# Mael.



## Cryptic (Aug 4, 2008)

Picture: http://i101.photobucket.com/albums/m46/Demon_Wraith/1218251190grimfang_mealfinal.png

Name: Mael
Species: Bae'oth - reminiscient of a hybrid of Earth's animals the Sabertooth and the Bear.
Religion: None.

Era: Medieval

Abilities: Mael discovered the dark arts a long time ago, and with a mystical chant only known to a select few, changes his body to a grey, steel like appearance and his eyes to charcoal black. As well as a cosmetic change, it hardens his skin to such a degree that near to nothing can pierce, and he is considerably stronger, though slower. He has the ability to heal, and this healing is unusual(Mael learnt this as a dark art) as the process drains some of his lifeforce to heal another and whilst his lifeforce can re-generate it makes him very vunerable to attacks. He also cannot heal himself. Mael also knows the art of pentagrams. He has learnt to only draw two pentagrams, one which nulls the magical properties of the creature the user targets and one which holds a demonic creature for eternity. Mael wanted to learn more magic, but the with told him that if he learnt any higher levels of magic, the strain on his lifeforce would kill him. Any magical act taxes Mael heavily because he isn't very learned in the arts. Mael also has the ability to climb any surface through sheer speed and Mael's claws have been augmented with a rare metal G'eld when he was a youngling, the G'eld re-enforcing his claws to a point they can hold the weight of his body.
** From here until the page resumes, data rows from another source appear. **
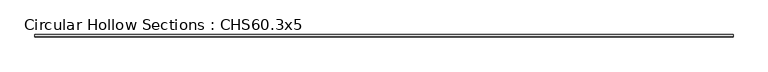
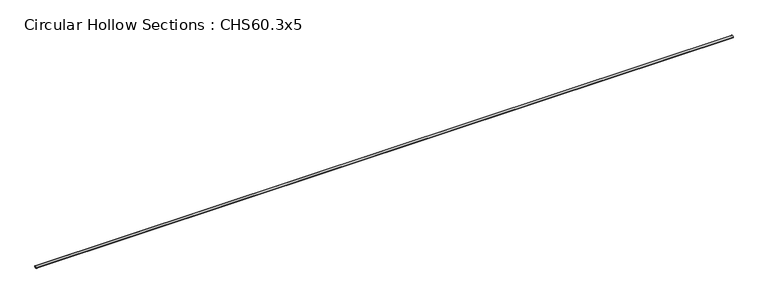
"""IFC4 building model written with IfcOpenShell, lengths in millimetres: beam geometry, Circular Hollow Sections : CHS60.3x5."""

import ifcopenshell
import ifcopenshell.guid

model = None  # the IFC model being written
_history = None  # IfcOwnerHistory: only IFC2X3 demands one
_inside = {}  # id of a spatial element -> (the spatial element, [elements in it])
_under = {}  # id of a project, library or spatial element -> (it, [spatial elements below it])
_declared = {}  # id of a project -> (the project, [libraries it declares])
_typed = {}  # id of a type object -> (the type object, [elements of that type])
_made_of = {}  # id of a material, layer set ... -> (it, [elements and type objects made of it])


def new_model(schema):
    """Start an empty IFC model of exactly this schema.

    Asked for "IFC4X3", IfcOpenShell would pick the latest addendum, in which some entities
    have other attributes; the version numbers below select the first issue.
    IFC2X3 requires an IfcOwnerHistory on every rooted entity: one is made here for all.
    """
    global model, _history
    if schema == "IFC4X3":
        model = ifcopenshell.file(schema_version=(4, 3, 0, 0))
    else:
        model = ifcopenshell.file(schema=schema)
    _inside.clear()
    _under.clear()
    _declared.clear()
    _typed.clear()
    _made_of.clear()
    _history = None
    if model.schema == "IFC2X3":
        org = make("IfcOrganization", Name="unknown")
        user = make(
            "IfcPersonAndOrganization",
            ThePerson=make("IfcPerson", FamilyName="unknown"),
            TheOrganization=org,
        )
        app = make(
            "IfcApplication",
            ApplicationDeveloper=org,
            Version="unknown",
            ApplicationFullName="unknown",
            ApplicationIdentifier="unknown",
        )
        _history = make(
            "IfcOwnerHistory",
            OwningUser=user,
            OwningApplication=app,
            ChangeAction="ADDED",
            CreationDate=0,
        )
    return model


def make(cls, **values):
    """One entity of the class cls with the attributes given. An attribute that is None is left unset."""
    return model.create_entity(
        cls, **{name: value for name, value in values.items() if value is not None}
    )


def rooted(cls, **values):
    """An entity with a GlobalId (a new one), such as an element, a storey or a relation."""
    return make(cls, GlobalId=ifcopenshell.guid.new(), OwnerHistory=_history, **values)


def si_unit(unit_type, name, prefix=None):
    """IfcSIUnit, for example si_unit("LENGTHUNIT", "METRE", prefix="MILLI")."""
    return make("IfcSIUnit", UnitType=unit_type, Prefix=prefix, Name=name)


def assignment(units):
    """IfcUnitAssignment: the units of a project."""
    return None if units is None else make("IfcUnitAssignment", Units=units)


def point(xyz):
    """IfcCartesianPoint."""
    return None if xyz is None else make("IfcCartesianPoint", Coordinates=xyz)


def direction(xyz):
    """IfcDirection."""
    return None if xyz is None else make("IfcDirection", DirectionRatios=xyz)


def frame(location, z_axis=None, x_axis=None):
    """IfcAxis2Placement3D, a coordinate frame: its origin and axes. An axis left out is left unset."""
    return make(
        "IfcAxis2Placement3D",
        Location=point(location),
        Axis=direction(z_axis),
        RefDirection=direction(x_axis),
    )


def frame_2d(location, x_axis=None):
    """IfcAxis2Placement2D, a coordinate frame in the plane: its origin and x axis."""
    return make(
        "IfcAxis2Placement2D", Location=point(location), RefDirection=direction(x_axis)
    )


def origin():
    """The frame at (0, 0, 0) with its axes left unset."""
    return frame((0.0, 0.0, 0.0))


def origin_2d():
    """The frame at (0, 0) in the plane with its x axis left unset."""
    return frame_2d((0.0, 0.0))


def place(relative_to, where):
    """IfcLocalPlacement: puts the frame where relative to a parent placement (None: the world)."""
    return make(
        "IfcLocalPlacement", PlacementRelTo=relative_to, RelativePlacement=where
    )


def context(
    kind, dimensions, precision=None, world=None, true_north=None, identifier=None
):
    """IfcGeometricRepresentationContext, for example the 3D "Model" context."""
    return make(
        "IfcGeometricRepresentationContext",
        ContextIdentifier=identifier,
        ContextType=kind,
        CoordinateSpaceDimension=dimensions,
        Precision=precision,
        WorldCoordinateSystem=world,
        TrueNorth=true_north,
    )


def project(units=None, contexts=None):
    """IfcProject with its units and contexts."""
    return rooted(
        "IfcProject",
        Name="project",
        RepresentationContexts=contexts,
        UnitsInContext=assignment(units),
    )


def spatial(cls, under=None, at=None, **own):
    """A site, building, storey or space (cls), placed at a placement, below another one or the project."""
    s = rooted(cls, ObjectPlacement=at, **own)
    if under is not None:
        _under.setdefault(under.id(), (under, []))[1].append(s)
    return s


def circle_curve(where, radius):
    """IfcCircle in the frame where."""
    return make("IfcCircle", Position=where, Radius=radius)


def trimmed(basis, trim1, trim2, sense, master):
    """IfcTrimmedCurve: the piece of a basis curve between two trims."""
    return make(
        "IfcTrimmedCurve",
        BasisCurve=basis,
        Trim1=trim1,
        Trim2=trim2,
        SenseAgreement=sense,
        MasterRepresentation=master,
    )


def segment(curve, same_sense, transition):
    """IfcCompositeCurveSegment."""
    return make(
        "IfcCompositeCurveSegment",
        Transition=transition,
        SameSense=same_sense,
        ParentCurve=curve,
    )


def composite_curve(segments, self_intersect=None):
    """IfcCompositeCurve: segments joined end to end."""
    return make("IfcCompositeCurve", Segments=segments, SelfIntersect=self_intersect)


def outline(outer, holes=None, kind="AREA"):
    """IfcArbitraryClosedProfileDef: a profile drawn as a closed curve; with holes, ...WithVoids."""
    if holes is None:
        return make("IfcArbitraryClosedProfileDef", ProfileType=kind, OuterCurve=outer)
    return make(
        "IfcArbitraryProfileDefWithVoids",
        ProfileType=kind,
        OuterCurve=outer,
        InnerCurves=holes,
    )


def extrude(swept, where, along, depth):
    """IfcExtrudedAreaSolid: the profile swept, set in the frame where, extruded along a direction by depth."""
    return make(
        "IfcExtrudedAreaSolid",
        SweptArea=swept,
        Position=where,
        ExtrudedDirection=direction(along),
        Depth=depth,
    )


def shape(context_of_items, identifier, shape_type, items):
    """IfcShapeRepresentation: the items that make up one representation, for example the "Body"."""
    return make(
        "IfcShapeRepresentation",
        ContextOfItems=context_of_items,
        RepresentationIdentifier=identifier,
        RepresentationType=shape_type,
        Items=items,
    )


def source(mapping_origin, context_of_items, identifier, shape_type, items):
    """IfcRepresentationMap: a shape defined once, which mapped items show again and again."""
    return make(
        "IfcRepresentationMap",
        MappingOrigin=mapping_origin,
        MappedRepresentation=shape(context_of_items, identifier, shape_type, items),
    )


def transform(
    local_origin,
    x_axis=None,
    y_axis=None,
    z_axis=None,
    scale=None,
    scale2=None,
    scale3=None,
    uniform=True,
):
    """IfcCartesianTransformationOperator3D, or its non-uniform kind. x_axis, y_axis, z_axis: its Axis1, 2, 3."""
    if uniform:
        return make(
            "IfcCartesianTransformationOperator3D",
            Axis1=direction(x_axis),
            Axis2=direction(y_axis),
            LocalOrigin=point(local_origin),
            Scale=scale,
            Axis3=direction(z_axis),
        )
    return make(
        "IfcCartesianTransformationOperator3DnonUniform",
        Axis1=direction(x_axis),
        Axis2=direction(y_axis),
        LocalOrigin=point(local_origin),
        Scale=scale,
        Axis3=direction(z_axis),
        Scale2=scale2,
        Scale3=scale3,
    )


def mapped(mapping_source, mapping_target):
    """IfcMappedItem: shows the shape of a source again, moved by a transform."""
    return make(
        "IfcMappedItem", MappingSource=mapping_source, MappingTarget=mapping_target
    )


def made_of(thing, what):
    """Note that an element or type object is made of a material, layer set ...; save() writes the relation."""
    if what is not None:
        _made_of.setdefault(what.id(), (what, []))[1].append(thing)
    return thing


def element(
    cls,
    number,
    at=None,
    inside=None,
    cuts=None,
    type_object=None,
    material=None,
    context=None,
    identifier="Body",
    shape_type=None,
    held_by="IfcProductDefinitionShape",
    body=None,
    shapes=None,
    **own,
):
    """One element of the class cls, such as IfcWall. Its Tag is "e" and its number.

    at: its placement. inside: the storey or other place that contains it. cuts: it is an
    opening in that element (IfcRelVoidsElement). A single representation is given by context,
    identifier, shape_type and body (its items); several are given by shapes. held_by: the class
    of the entity that holds the representations. save() writes the other relations.
    """
    e = rooted(cls, Tag="e%d" % number, ObjectPlacement=at, **own)
    if body is not None:
        shapes = [shape(context, identifier, shape_type, body)]
    if shapes is not None:
        e.Representation = make(held_by, Representations=shapes)
    if inside is not None:
        _inside.setdefault(inside.id(), (inside, []))[1].append(e)
    if cuts is not None:
        rooted(
            "IfcRelVoidsElement", RelatingBuildingElement=cuts, RelatedOpeningElement=e
        )
    if type_object is not None:
        _typed.setdefault(type_object.id(), (type_object, []))[1].append(e)
    return made_of(e, material)


def aggregate(whole, parts):
    """IfcRelAggregates: a whole, such as a stair, and the parts it consists of."""
    return rooted("IfcRelAggregates", RelatingObject=whole, RelatedObjects=parts)


def save(model, path):
    """Write the relations noted so far, then the file.

    IfcRelAggregates (storeys below a building ...), IfcRelContainedInSpatialStructure (elements
    in a storey), IfcRelDefinesByType, IfcRelAssociatesMaterial and IfcRelDeclares: one each for
    every whole, place, type object, material and project.
    """
    for whole, parts in _under.values():
        aggregate(whole, parts)
    for where, things in _inside.values():
        rooted(
            "IfcRelContainedInSpatialStructure",
            RelatedElements=things,
            RelatingStructure=where,
        )
    for kind, things in _typed.values():
        rooted("IfcRelDefinesByType", RelatedObjects=things, RelatingType=kind)
    for what, things in _made_of.values():
        rooted("IfcRelAssociatesMaterial", RelatedObjects=things, RelatingMaterial=what)
    for by, libraries in _declared.values():
        rooted("IfcRelDeclares", RelatingContext=by, RelatedDefinitions=libraries)
    model.write(path)


def circular_hollow_sections_chs60_3x5_ee2473de(model_context):
    return source(origin(), model_context, "Body", "SweptSolid", [
        extrude(outline(composite_curve([segment(trimmed(circle_curve(origin_2d(), 30.15), [point((-30.15, 0.0))], [point((30.15, 0.0))], False, "CARTESIAN"), True, "CONTINUOUS"), segment(trimmed(circle_curve(origin_2d(), 30.15), [point((30.15, 0.0))], [point((-30.15, 0.0))], False, "CARTESIAN"), True, "CONTINUOUS")], self_intersect=False), holes=[composite_curve([segment(trimmed(circle_curve(origin_2d(), 25.15), [point((25.15, 0.0))], [point((-25.15, 0.0))], True, "CARTESIAN"), True, "CONTINUOUS"), segment(trimmed(circle_curve(origin_2d(), 25.15), [point((-25.15, 0.0))], [point((25.15, 0.0))], True, "CARTESIAN"), True, "CONTINUOUS")], self_intersect=False)]), frame((-9000.0, 0.0, 0.0), z_axis=(1.0, 0.0, 0.0), x_axis=(0.0, 1.0, 0.0)), (0.0, 0.0, 1.0), 18000.0),
    ])


if __name__ == "__main__":
    model = new_model("IFC4")
    model_context = context("Model", 3, world=origin())
    ifc_project = project(units=[si_unit("LENGTHUNIT", "METRE", prefix="MILLI")], contexts=[model_context])
    site = spatial("IfcSite", under=ifc_project)
    building = spatial("IfcBuilding", under=site)
    placement = place(None, origin())
    circular_hollow_sections_chs60_3x5_shape = circular_hollow_sections_chs60_3x5_ee2473de(model_context)
    element("IfcBeam", 1, ObjectType="Circular Hollow Sections : CHS60.3x5", at=placement, inside=building, context=model_context, shape_type="MappedRepresentation", body=[
        mapped(circular_hollow_sections_chs60_3x5_shape, transform((0.0, 0.0, 0.0), x_axis=(1.0, 0.0, 0.0), y_axis=(0.0, 1.0, 0.0), z_axis=(0.0, 0.0, 1.0))),
    ])
    save(model, "model.ifc")

# Revit data of these elements
# Type "Circular Hollow Sections : CHS60.3x5"
#   Description = "Hollow Core Steel Roof Truss Member"
#   Type Comments = "Steel 50-355"
#   Assembly Code = "F10"
#   t = 5 mm
#   W = 0.00682
#   Start Extension Calculation [instance default] = 3000 mm
#   Start Extension [instance default] = -12.7 mm
#   Length [instance default] = 1500 mm
#   OD = 60.3 mm
#   End Extension Calculation [instance default] = 3000 mm
#   End Extension [instance default] = -12.7 mm
#   A = 0.000869 m²
#   Structural Material [instance default] = Metal - Steel 50-355
# Element 1 (IfcBeam, "Circular Hollow Sections : CHS60.3x5")
#   Materials on its faces: "Metal - Steel 50-355"
# Materials
#   "Metal - Steel 50-355": class "Metal", colour RGB 247 247 247, transparency 0

Appearance: Weighing in at 330 pounds and 8"1, and packed with muscle, Mael has a daunting figure. His face is broad and well-formed. He has two tusks extruding from his large canines, which is the norm of the Bae'oth. He has a black leather jacket with his royal family's insigna printed on the back. When asked why he wears the symbol of those who hunt him he replied, "Because it helps keep me alert, thinking, reminds me of who I am, and what I've done." Mael has long wavy white hair, a sign of royalty. He rarely takes his jacket off in public, but hidden under the leather are numerous scars, reminders of his battles. His leather battle boots are made from a lizard native to Lag'ul, and are very durable lasting for 10-20 years.

History: Mael was born crown prince of Lag'ul, the largest kingdom encompassing numerous isles, each isle reigned over by a regent who is accountable to the king. Mael was quite the spoilt brat getting whatever he wanted, whenever he wanted. His mother died giving birth to Mael, and his father re-married one of his baronesses, a beautiful yet cruel woman. She bore Mael's father, a son, Mael's half-brother, Dro'vel. Dro'vel hated Mael as they grew up, fiercely in competition with each other. Dro'vel hired a cheap assassin to kill Mael, and Mael ripped the assassin apart with his bare hands and left his head outsie Dro'vel's door. The next morning Dro'vel attacked Mael in the King's courtroom infront of all the nobles, claiming Mael had raped his lover. Mael beheaded Dro'vel infront of his parents and the agast nobelity, and promptly dove through a window and and scaled the palace walls with his father's guards hot on his tail, and has been on the run ever since. 

Maezel: Maezel is what Mael becomes when he transforms using the chant taught to him by the witch. He is all Mael's rage and hate in a corporeal being. Meal came across a little town whilst on the run on the outskirts of Ge'rial. He found this little woman getting robbed by brigands, so Mael being the charitable fellow he is, broke their arms and legs and dropped them outside the sheriff's office. This little woman turns out to be a witch, and witches being persecuted because of the fear of magic in the realm, people look the other way when they're attacked. The witch, Zil'it taught Mael all he knows of the dark arts.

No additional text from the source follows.